Hacker News new | ask | show | jobs
by threeseed 4012 days ago
Possibly. But just as likely they are running their own Hadoop platform and have hired some data scientists.

Most large organisations these days are running their own analytics platform.

2 comments

Does analyzing this actually require joining in large data sets -- that is, larger than will fit on a single machine?

I'd always assumed that the records involved weren't very large, but I don't know much about the problem space, so I'm not sure if other data gets joined in in a way that benefits from cluster-based analysis.

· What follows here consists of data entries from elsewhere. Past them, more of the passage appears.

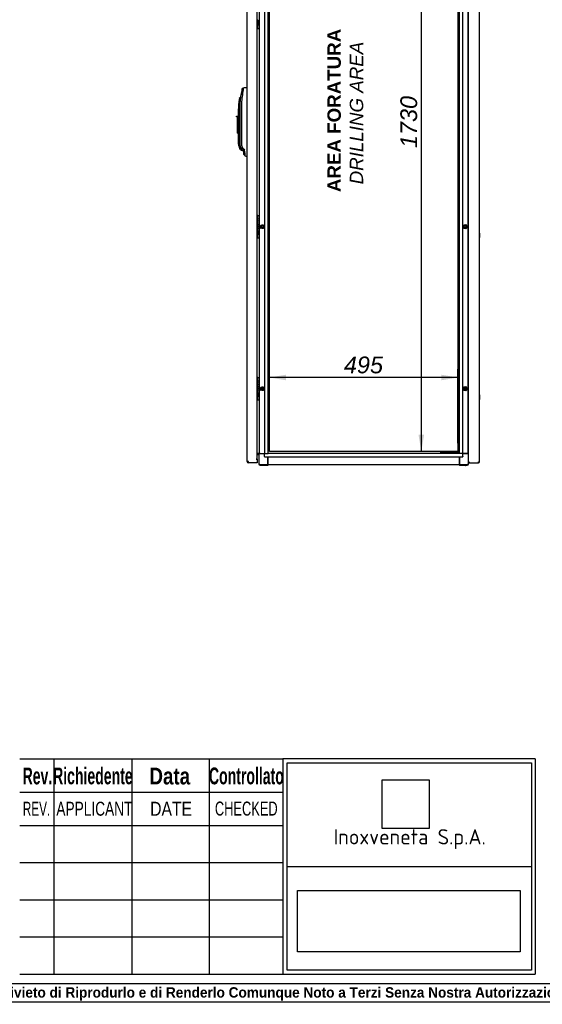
# Model space of a CAD drawing. Extents: x -15 to 412, y 11 to 308.
# Tile 2 of 11: x 115 to 201, y 11 to 172. Entities that reach past the tile are written whole.
import ezdxf
from ezdxf.lldxf.tags import DXFTag

# ---------------------------------------------------------------- set-up
doc = ezdxf.new("R2010")
doc.units = 0
doc.layers.get('0').update_dxf_attribs({"linetype": 'CONTINUOUS'})
for name, color, linetype in [('_TRANSLATION', 7, 'CONTINUOUS'), ('AE00198_03', 7, 'CONTINUOUS'), ('AE00219_00', 7, 'CONTINUOUS'), ('AE00219_03', 7, 'CONTINUOUS'), ('AE00368_00', 7, 'CONTINUOUS'), ('AE00500_10', 7, 'CONTINUOUS'), ('AE00992_10', 7, 'CONTINUOUS'), ('DEFAULT', 7, 'CONTINUOUS'), ('DV2__TRANSLATION', 7, 'CONTINUOUS'), ('F0000000_68', 7, 'CONTINUOUS'), ('F0000001_24', 7, 'CONTINUOUS'), ('F0000001_38', 7, 'CONTINUOUS'), ('M0000000_06', 7, 'CONTINUOUS'), ('M0000000_29', 7, 'CONTINUOUS'), ('M0000000_39', 7, 'CONTINUOUS'), ('M0000000_53', 7, 'CONTINUOUS'), ('M0000000_56', 7, 'CONTINUOUS')]:
    doc.layers.add(name, color=color, linetype=linetype)
doc.styles.add('SEACAD_ARIAL', font='arial.ttf')
doc.styles.add('SEACAD_ARIAL_NARROW', font='ARIALN.TTF', dxfattribs={"width": 0.8})
doc.styles.add('SEACAD_ARIALB', font='arialbd.ttf', dxfattribs={"width": 0.9})
doc.styles.add('SEACAD_ARIALI', font='ariali.ttf')
tags = doc.linetypes.add('CENTER2', pattern=[28.575, 19.05, -3.175, 3.175, -3.175]).pattern_tags.tags
tags[10:11] = [DXFTag(74, 4), DXFTag(75, 0), DXFTag(340, '0'), DXFTag(46, 0.0), DXFTag(50, 0.0), DXFTag(44, 0.0), DXFTag(45, 0.0)]
tags[8:9] = [DXFTag(74, 4), DXFTag(75, 0), DXFTag(340, '0'), DXFTag(46, 0.0), DXFTag(50, 0.0), DXFTag(44, 0.0), DXFTag(45, 0.0)]
tags[6:7] = [DXFTag(74, 4), DXFTag(75, 0), DXFTag(340, '0'), DXFTag(46, 0.0), DXFTag(50, 0.0), DXFTag(44, 0.0), DXFTag(45, 0.0)]
tags[4:5] = [DXFTag(74, 4), DXFTag(75, 0), DXFTag(340, '0'), DXFTag(46, 0.0), DXFTag(50, 0.0), DXFTag(44, 0.0), DXFTag(45, 0.0)]
doc.dimstyles.new('ISO', dxfattribs={"dimtxt": 2.75, "dimasz": 2.75, "dimexe": 1.375, "dimexo": 1.375, "dimgap": 0.6875, "dimtad": 1, "dimdec": 1, "dimlfac": 16, "dimtxsty": 'SEACAD_ARIAL', "dimblk1": '_SE_FILLED', "dimblk2": '_SE_FILLED', "dimsah": 1, "dimcen": 1.375, "dimazin": 3, "dimtfac": 0.7, "dimtdec": 3, "dimtmove": 0, "dimatfit": 3})
picture_1 = doc.add_image_def('image1.jpg', size_in_pixel=(55, 57))
picture_2 = doc.add_image_def('image2.bmp', size_in_pixel=(138, 38))

# ---------------------------------------------------------------- blocks, each defined once
blk = doc.blocks.new('SE1')
at = {"layer": 'AE00198_03', "color": 7, "linetype": 'CONTINUOUS'}
for p, q in [((154.36, 171.2), (154.36, 170.75)), ((154.36, 170.75), (154.4, 170.75)), ((154.36, 139.84), (154.36, 139.39)), ((154.4, 139.84), (154.36, 139.84)), ((154.36, 136.83), (154.36, 136.38)), ((154.36, 136.38), (154.4, 136.38)), ((154.36, 113.28), (154.36, 112.83)), ((154.4, 113.28), (154.36, 113.28)), ((154.36, 110.27), (154.36, 109.81)), ((154.36, 109.81), (154.4, 109.81))]:
    blk.add_line(p, q, dxfattribs=at)
for centre, start, end in [((154.69, 171.12), 224.855, 227.8253), ((154.69, 139.47), 132.1747, 135.145), ((154.69, 136.75), 224.855, 227.8253), ((154.69, 112.91), 132.1747, 135.145), ((154.69, 110.18), 224.855, 227.8253)]:
    blk.add_arc(centre, 0.5, start, end, dxfattribs=at)
at = {"layer": 'AE00219_00', "color": 7, "linetype": 'CONTINUOUS'}
for p, q in [((184.88, 100.95), (184.9, 100.94)), ((185.28, 100.94), (184.9, 100.94)), ((184.9, 100.94), (184.9, 100.92)), ((185.28, 100.94), (185.3, 100.95)), ((185.28, 100.92), (185.28, 100.94)), ((186.44, 100.95), (186.46, 100.94)), ((186.84, 100.94), (186.46, 100.94)), ((186.46, 100.94), (186.46, 100.92)), ((186.84, 100.94), (186.86, 100.95)), ((186.84, 100.92), (186.84, 100.94))]:
    blk.add_line(p, q, dxfattribs=at)
at = {"layer": 'AE00219_03', "color": 7, "linetype": 'CONTINUOUS'}
for p, q in [((190.85, 137.08), (190.84, 137.08)), ((190.84, 136.33), (190.85, 136.33)), ((190.85, 136.33), (190.85, 137.08)), ((190.85, 110.52), (190.84, 110.52)), ((190.85, 109.77), (190.85, 110.52)), ((190.84, 109.77), (190.85, 109.77))]:
    blk.add_line(p, q, dxfattribs=at)
at = {"layer": 'AE00368_00', "color": 7, "linetype": 'CONTINUOUS'}
for p, q in [((184.5, 100.95), (184.45, 100.95)), ((184.45, 100.95), (184.45, 100.92)), ((185.73, 100.92), (185.73, 100.95)), ((186.01, 100.95), (186.01, 100.92)), ((187.29, 100.92), (187.29, 100.95))]:
    blk.add_line(p, q, dxfattribs=at)
for centre, radius, start, end in [((184.69, 100.91), 0.0438, 16.6015, 90), ((185.49, 100.91), 0.0437, 90, 163.3985), ((186.25, 100.91), 0.0438, 16.6015, 90), ((187.05, 100.91), 0.0437, 90, 163.3985)]:
    blk.add_arc(centre, radius, start, end, dxfattribs=at)
at = {"layer": 'AE00500_10', "color": 7, "linetype": 'CONTINUOUS'}
for p, q in [((188.96, 171.37), (189, 171.37)), ((189, 170.79), (188.96, 170.79)), ((188.96, 139.81), (189, 139.81)), ((189, 139.22), (188.96, 139.22)), ((154.85, 138.11), (155.01, 138.4)), ((155.01, 137.82), (154.85, 138.11)), ((154.91, 138.11), (155.05, 138.34)), ((155.05, 137.88), (154.91, 138.11)), ((155.02, 138.4), (155.35, 138.4)), ((155.35, 137.82), (155.02, 137.82)), ((155.05, 138.34), (155.32, 138.34)), ((155.32, 137.88), (155.05, 137.88)), ((155.32, 138.34), (155.45, 138.11)), ((155.45, 138.11), (155.32, 137.88)), ((155.35, 138.4), (155.52, 138.11)), ((155.52, 138.11), (155.35, 137.82)), ((188.1, 138.11), (188.26, 138.4)), ((188.26, 137.82), (188.1, 138.11)), ((188.16, 138.11), (188.3, 138.34)), ((188.3, 137.88), (188.16, 138.11)), ((188.27, 138.4), (188.6, 138.4)), ((188.6, 137.82), (188.27, 137.82)), ((188.3, 138.34), (188.57, 138.34)), ((188.57, 137.88), (188.3, 137.88)), ((188.57, 138.34), (188.7, 138.11)), ((188.7, 138.11), (188.57, 137.88)), ((188.6, 138.4), (188.77, 138.11)), ((188.77, 138.11), (188.6, 137.82)), ((188.96, 137), (189, 137)), ((189, 136.41), (188.96, 136.41)), ((188.96, 113.25), (189, 113.25)), ((154.85, 111.55), (155.01, 111.84)), ((155.01, 111.26), (154.85, 111.55)), ((154.91, 111.55), (155.05, 111.78)), ((155.05, 111.31), (154.91, 111.55)), ((155.02, 111.84), (155.35, 111.84)), ((155.05, 111.78), (155.32, 111.78)), ((155.32, 111.78), (155.45, 111.55)), ((155.45, 111.55), (155.32, 111.31)), ((155.35, 111.84), (155.52, 111.55)), ((155.52, 111.55), (155.35, 111.26)), ((188.1, 111.55), (188.26, 111.84)), ((188.26, 111.26), (188.1, 111.55)), ((188.16, 111.55), (188.3, 111.78)), ((188.3, 111.31), (188.16, 111.55)), ((188.27, 111.84), (188.6, 111.84)), ((188.3, 111.78), (188.57, 111.78)), ((188.57, 111.78), (188.7, 111.55)), ((188.7, 111.55), (188.57, 111.31)), ((188.6, 111.84), (188.77, 111.55)), ((188.77, 111.55), (188.6, 111.26)), ((189, 112.66), (188.96, 112.66)), ((155.35, 111.25), (155.02, 111.25)), ((155.32, 111.31), (155.05, 111.31)), ((188.6, 111.25), (188.27, 111.25)), ((188.57, 111.31), (188.3, 111.31)), ((188.96, 110.44), (189, 110.44)), ((189, 109.85), (188.96, 109.85))]:
    blk.add_line(p, q, dxfattribs=at)
for centre in [(155.18, 138.11), (188.43, 138.11), (155.18, 111.55), (188.43, 111.55)]:
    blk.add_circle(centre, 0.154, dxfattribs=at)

I forget the exact numbers, but a single year's worth of Medicare part D claims data will be on the order 1TB. That doesn't include the beneficiary and provider datasets (which links patients and doctors) which you'll need to join against. Also when detecting fraud like this, you may want to include the other Medicare parts (A, B, C) which are oftentimes larger than part D (being that D is the newest). So this leaves you manipulating on the order of 10TB for single year analysis. Finally, since Medicare bills can be corrected up to 3 years, you may end up joining multi-terabyte datasets.
Medicare is one of the largest health schemes in the world in an industry known for massive amounts of paperwork. It's a humongous data set.
Yes, plus some sort of analytics-focused data warehouse (Teradata, etc.). I am almost certain though their analytics team is outsourced to a major contractor like Lockheed Martin.